# Genuratuh's Build



## Genuratuh (Dec 20, 2012)

*Genuratuh's first audi*

Hello hello, my name is Jordan and this is my first Audi.
Little background: Ive owned a MK2 Golf/ MK3 Golf/ MK4 GTI/ MK4 R32/ MK5 GTI. Finally purchased my dream car.

Here was my last project:









And finally here is my 2008 3.2 TT #inlove:









I lowered it some more and put my NICHE CITRINE'S on her.

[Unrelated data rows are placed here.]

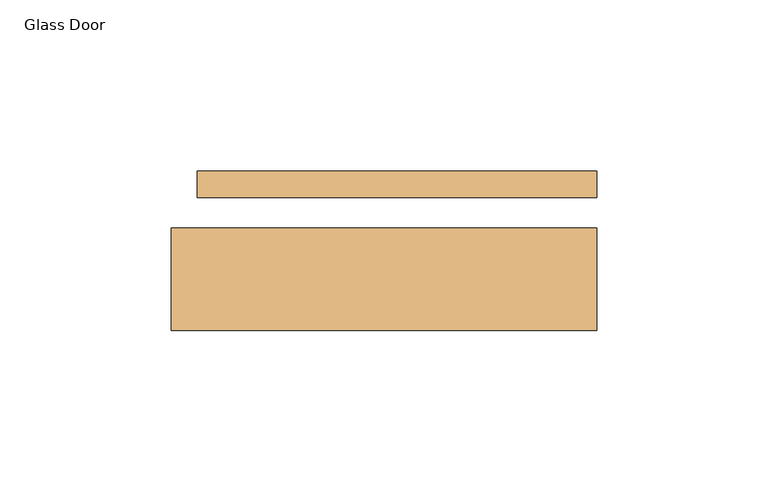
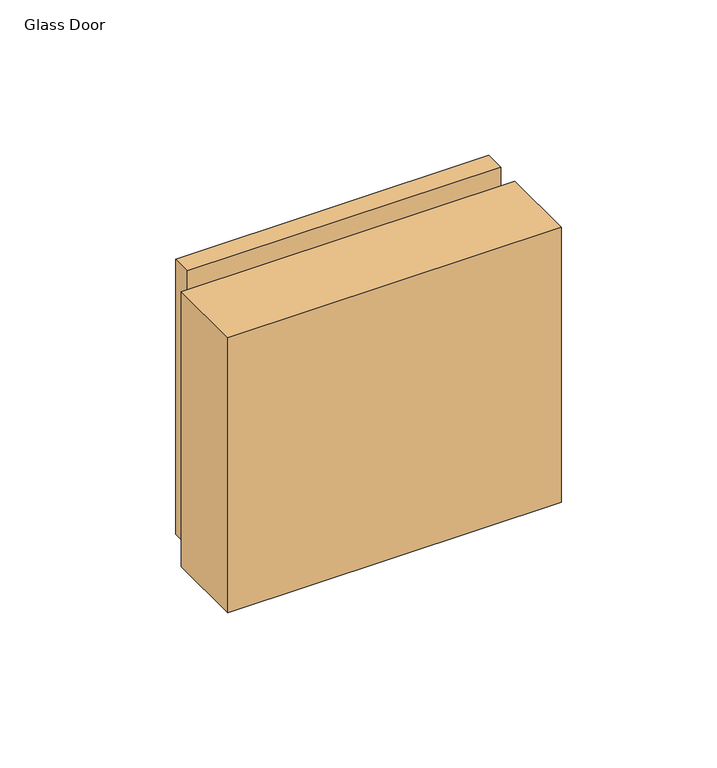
"""IFC4 building model written with IfcOpenShell, lengths in millimetres: door geometry, Door-Hinged_Glass_Full_Height-Teknion-Altos-Right_Swing : Glass Door."""

from ifc_helpers import new_model, si_unit, frame, origin, place, context, project, spatial, polyline, outline, extrude, source, transform, mapped, element, save


def glass_door_056d267c(model_context):
    return source(origin(), model_context, "Body", "SweptSolid", [
        extrude(outline(polyline([(-349.5702539, -11.6290893), (-349.5702539, -41.4740893), (-473.5631562, -41.4740893), (-473.5631562, -11.6290893), (-349.5702539, -11.6290893)])), frame((0.0, 0.0, 952.4309645), z_axis=(0.0, 0.0, 1.0), x_axis=(1.0, 0.0, 0.0)), (0.0, 0.0, 1.0), 108.090611),
        extrude(outline(polyline([(-466.0583342, -2.6120893), (-466.0583342, 5.0079107), (-349.5702539, 5.0079107), (-349.5702539, -2.6120893), (-466.0583342, -2.6120893)])), frame((0.0, 0.0, 952.4309645), z_axis=(0.0, 0.0, 1.0), x_axis=(1.0, 0.0, 0.0)), (0.0, 0.0, 1.0), 108.090611),
    ])


if __name__ == "__main__":
    model = new_model("IFC4")
    model_context = context("Model", 3, world=origin())
    ifc_project = project(units=[si_unit("LENGTHUNIT", "METRE", prefix="MILLI")], contexts=[model_context])
    site = spatial("IfcSite", under=ifc_project)
    building = spatial("IfcBuilding", under=site)
    placement = place(None, origin())
    glass_door_shape = glass_door_056d267c(model_context)
    element("IfcDoor", 1, ObjectType="Door-Hinged_Glass_Full_Height-Teknion-Altos-Right_Swing : Glass Door", at=placement, inside=building, context=model_context, shape_type="MappedRepresentation", body=[
        mapped(glass_door_shape, transform((0.0, 0.0, 0.0), x_axis=(1.0, 0.0, 0.0), y_axis=(0.0, 1.0, 0.0), z_axis=(0.0, 0.0, 1.0))),
    ])
    save(model, "model.ifc")
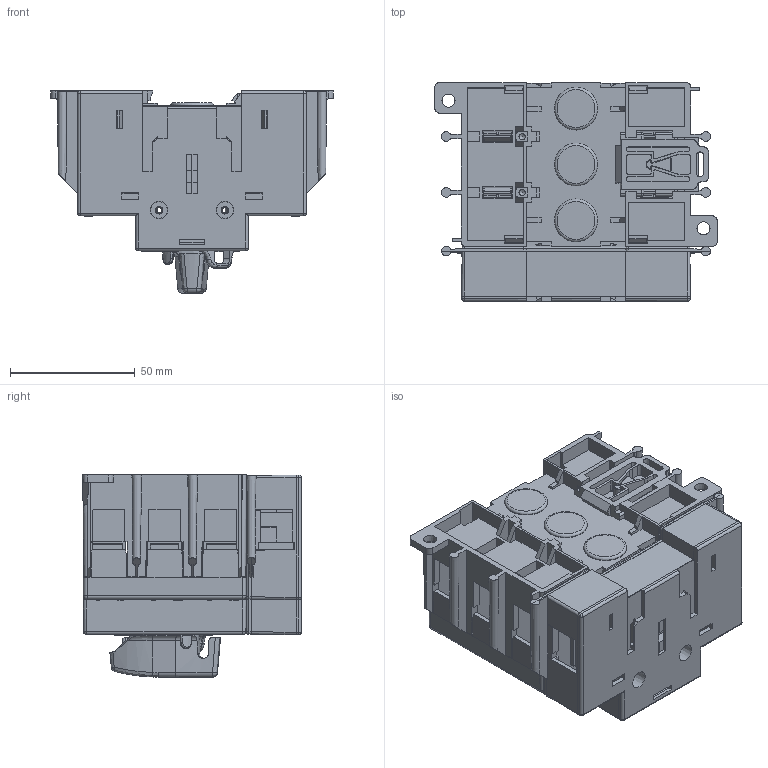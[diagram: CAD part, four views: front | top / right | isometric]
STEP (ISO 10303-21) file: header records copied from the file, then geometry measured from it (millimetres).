
FILE_DESCRIPTION((''),'2;1');
FILE_NAME('Z:\PROGETTI INVENTOR\DIEGO\4 COMMERCIALE - PRODUZIONE - INFORMATIVA\MATERIALE DI COSTRUZIONE\BLOCCHI SOLIDI 2013\BLOCCHI SOLIDI SD3\BLOCCO SD3 4P 2013.stp','2013-02-20T11:11:08',('diego'),(''),'Autodesk Inventor 2013','Autodesk Inventor 2013','');
FILE_SCHEMA(('AUTOMOTIVE_DESIGN { 1 0 10303 214 1 1 1 1 }'));
Length unit declared in the file: millimetre
Products named in the file (1): BLOCCO SD3 4P 2013
Bounding box: 113.2 x 87.55 x 81.05 mm (x, y, z)
Volume: 144459.5 mm3; surface area: 174814.7 mm2
Topology: 3 solids, 3 shells, 2612 faces, 7263 edges, 4653 vertices
Faces by surface type: plane 2094, cylinder 266, cone 133, bspline 53, sphere 38, torus 28
Full cylindrical faces by diameter (mm): 0.6 x1, 1.2 x2, 2.2 x4, 2.5 x2, 3.1 x2, 3.2 x1, 5.4 x1, 6 x2, 12.7 x1, 16.1 x1, 18.1 x1, 24 x1
Entity records: 86930 total; most frequent: CARTESIAN_POINT 17989, ORIENTED_EDGE 14272, DIRECTION 12869, EDGE_CURVE 7136, VECTOR 5995, LINE 5995, VERTEX_POINT 4627, AXIS2_PLACEMENT_3D 3437
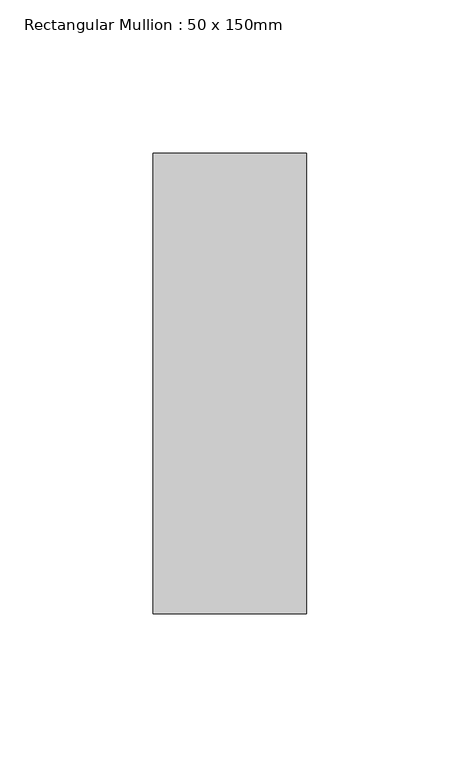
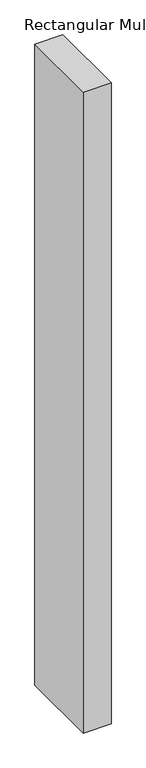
"""IFC4 building model written with IfcOpenShell, lengths in millimetres: member geometry, Rectangular Mullion : 50 x 150mm."""

from ifc_helpers import new_model, si_unit, frame, origin, place, context, project, spatial, polyline, outline, extrude, source, transform, mapped, element, save


def rectangular_mullion_50_x_150mm_dd91e440(model_context):
    return source(origin(), model_context, "Body", "SweptSolid", [
        extrude(outline(polyline([(25.0, 75.0), (25.0, -75.0), (-25.0, -75.0), (-25.0, 75.0), (25.0, 75.0)])), frame((0.0, 0.0, -1215.5555556), z_axis=(0.0, 0.0, 1.0), x_axis=(1.0, 0.0, 0.0)), (0.0, 0.0, 1.0), 1215.5555556),
    ])


if __name__ == "__main__":
    model = new_model("IFC4")
    model_context = context("Model", 3, world=origin())
    ifc_project = project(units=[si_unit("LENGTHUNIT", "METRE", prefix="MILLI")], contexts=[model_context])
    site = spatial("IfcSite", under=ifc_project)
    building = spatial("IfcBuilding", under=site)
    placement = place(None, origin())
    rectangular_mullion_50_x_150mm_shape = rectangular_mullion_50_x_150mm_dd91e440(model_context)
    element("IfcMember", 1, ObjectType="Rectangular Mullion : 50 x 150mm", at=placement, inside=building, context=model_context, shape_type="MappedRepresentation", body=[
        mapped(rectangular_mullion_50_x_150mm_shape, transform((0.0, 0.0, 0.0), x_axis=(1.0, 0.0, 0.0), y_axis=(0.0, 1.0, 0.0), z_axis=(0.0, 0.0, 1.0))),
    ])
    save(model, "model.ifc")
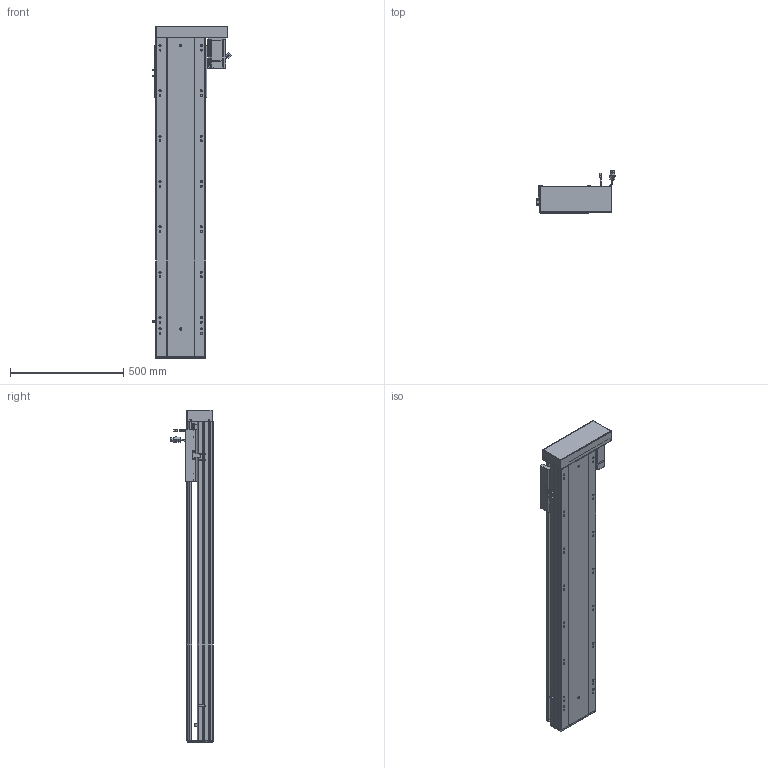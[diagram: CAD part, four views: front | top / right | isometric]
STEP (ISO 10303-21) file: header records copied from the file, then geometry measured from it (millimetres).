
FILE_DESCRIPTION (( 'STEP AP203' ), '1' );
FILE_NAME ('RY220-L2525-800-RK-邧嶺.SLDASM_1050.step', '2022-08-06T08:52:49', ( '' ), ( '' ), 'SwSTEP 2.0', 'SolidWorks 2016', '' );
FILE_SCHEMA (( 'CONFIG_CONTROL_DESIGN' ));
Length unit declared in the file: millimetre
Products named in the file (12): 怢湛750W_ECMA-CX0807ES; RY220酘衵殏萇儂欶; 滅袉蝶18-15; 滅袉蝶18-10; RY220綴裔啣; RY220-800-蛌殏奻裔啣_1050; 覜茼ん672; RY220蛌殏菁釱-800-邧嶺_1050; RY220-俋离672覜茼んえ; RY220半封闭25-32螺母铝滑块; RY220-L2525-800-RK-邧嶺.SLDASM_1050; RY220左右折电机安装板
Assembly tree (15 placements, depth 2):
  RY220-L2525-800-RK-邧嶺.SLDASM_1050
    RY220蛌殏菁釱-800-邧嶺_1050
    RY220-800-蛌殏奻裔啣_1050
    怢湛750W_ECMA-CX0807ES
    滅袉蝶18-10  x2
    RY220-俋离672覜茼んえ
    覜茼ん672  x3
    RY220綴裔啣
    RY220半封闭25-32螺母铝滑块
    滅袉蝶18-15  x2
    RY220左右折电机安装板
    RY220酘衵殏萇儂欶
Bounding box: 347.44 x 187.27 x 1464 mm (x, y, z)
Volume: 12057038.2 mm3; surface area: 3547720.8 mm2
Topology: 16 solids, 16 shells, 2197 faces, 6064 edges, 3831 vertices
Faces by surface type: cylinder 993, plane 904, cone 230, bspline 44, sphere 16, torus 10
Entity records: 72531 total; most frequent: CARTESIAN_POINT 21005, ORIENTED_EDGE 10696, DIRECTION 10068, EDGE_CURVE 5348, AXIS2_PLACEMENT_3D 3539, VERTEX_POINT 3487, LINE 2990, VECTOR 2990
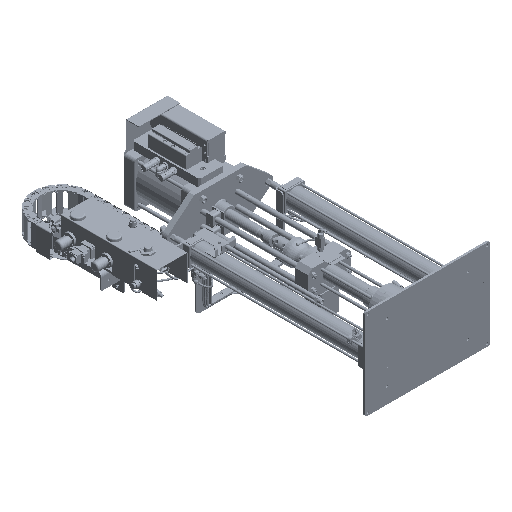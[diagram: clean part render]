
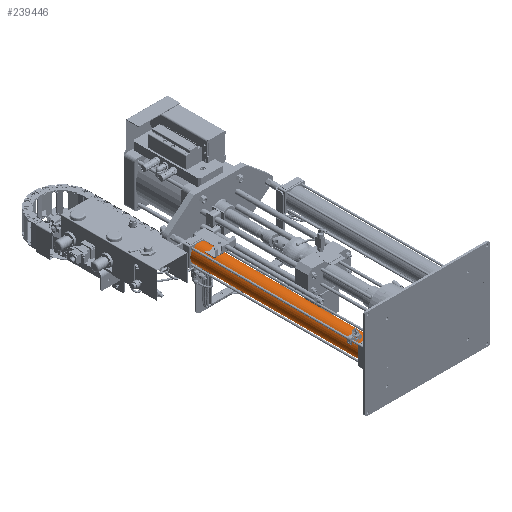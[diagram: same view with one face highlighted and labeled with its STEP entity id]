
A CAD part, isometric view. The second image highlights one B-rep face of the part: STEP entity #239446.
In plain terms, the highlighted cylindrical face has radius 43.175 mm (diameter 86.35 mm), a full revolution.
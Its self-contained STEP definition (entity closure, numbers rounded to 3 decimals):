
#10341 = CIRCLE ( 'NONE', #219167, 43.175 ) ;
#10771 = ORIENTED_EDGE ( 'NONE', *, *, #146203, .T. ) ;
#11121 = DIRECTION ( 'NONE',  ( 0., 1., 0. ) ) ;
#11750 = VERTEX_POINT ( 'NONE', #290175 ) ;
#14819 = CARTESIAN_POINT ( 'NONE',  ( -79.202, 367.022, 915.99 ) ) ;
#16047 = CYLINDRICAL_SURFACE ( 'NONE', #64406, 43.175 ) ;
#41685 = VERTEX_POINT ( 'NONE', #211732 ) ;
#64406 = AXIS2_PLACEMENT_3D ( 'NONE', #240318, #245793, #182408 ) ;
#93979 = EDGE_CURVE ( 'NONE', #11750, #11750, #10341, .T. ) ;
#96844 = DIRECTION ( 'NONE',  ( 0., 0., 1. ) ) ;
#98893 = DIRECTION ( 'NONE',  ( 0., 0., 1. ) ) ;
#124854 = DIRECTION ( 'NONE',  ( 0., 1., 0. ) ) ;
#146203 = EDGE_CURVE ( 'NONE', #41685, #41685, #248183, .T. ) ;
#174009 = EDGE_LOOP ( 'NONE', ( #10771 ) ) ;
#182408 = DIRECTION ( 'NONE',  ( 0., 0., -1. ) ) ;
#211732 = CARTESIAN_POINT ( 'NONE',  ( -79.202, 367.022, 959.165 ) ) ;
#215957 = FACE_OUTER_BOUND ( 'NONE', #174009, .T. ) ;
#219167 = AXIS2_PLACEMENT_3D ( 'NONE', #294862, #124854, #96844 ) ;
#239446 = ADVANCED_FACE ( 'NONE', ( #326198, #215957 ), #16047, .T. ) ;
#240318 = CARTESIAN_POINT ( 'NONE',  ( -79.202, 1172.022, 915.99 ) ) ;
#245793 = DIRECTION ( 'NONE',  ( 0., -1., 0. ) ) ;
#248183 = CIRCLE ( 'NONE', #325761, 43.175 ) ;
#252460 = EDGE_LOOP ( 'NONE', ( #320553 ) ) ;
#290175 = CARTESIAN_POINT ( 'NONE',  ( -79.202, 1172.022, 959.165 ) ) ;
#294862 = CARTESIAN_POINT ( 'NONE',  ( -79.202, 1172.022, 915.99 ) ) ;
#320553 = ORIENTED_EDGE ( 'NONE', *, *, #93979, .F. ) ;
#325761 = AXIS2_PLACEMENT_3D ( 'NONE', #14819, #11121, #98893 ) ;
#326198 = FACE_OUTER_BOUND ( 'NONE', #252460, .T. ) ;

It came on H&R coilovers, Intake, Air horns.
Whoever owned this before me did a excellent job taking care of it.

My "To Do List" is:
1-Air ride (had it on my GTI and I cant live without it)
2-Some sort of exhaust
3-Some sort of lip

My instagram is @ihatemk4kids


----------



## vwlippy (Jul 17, 2001)

:thumbup:


----------



## milo (Feb 19, 2002)

Nice, I use to own a GTI 337 and Mk4 R32 prior to my TT RS. Congrats and welcome!


----------



## Black BeauTTy (Jun 11, 2011)

Very nice but cleaning those wheels would kill me!


----------



## Genuratuh (Dec 20, 2012)

Black BeauTTy said:


> Very nice but cleaning those wheels would kill me!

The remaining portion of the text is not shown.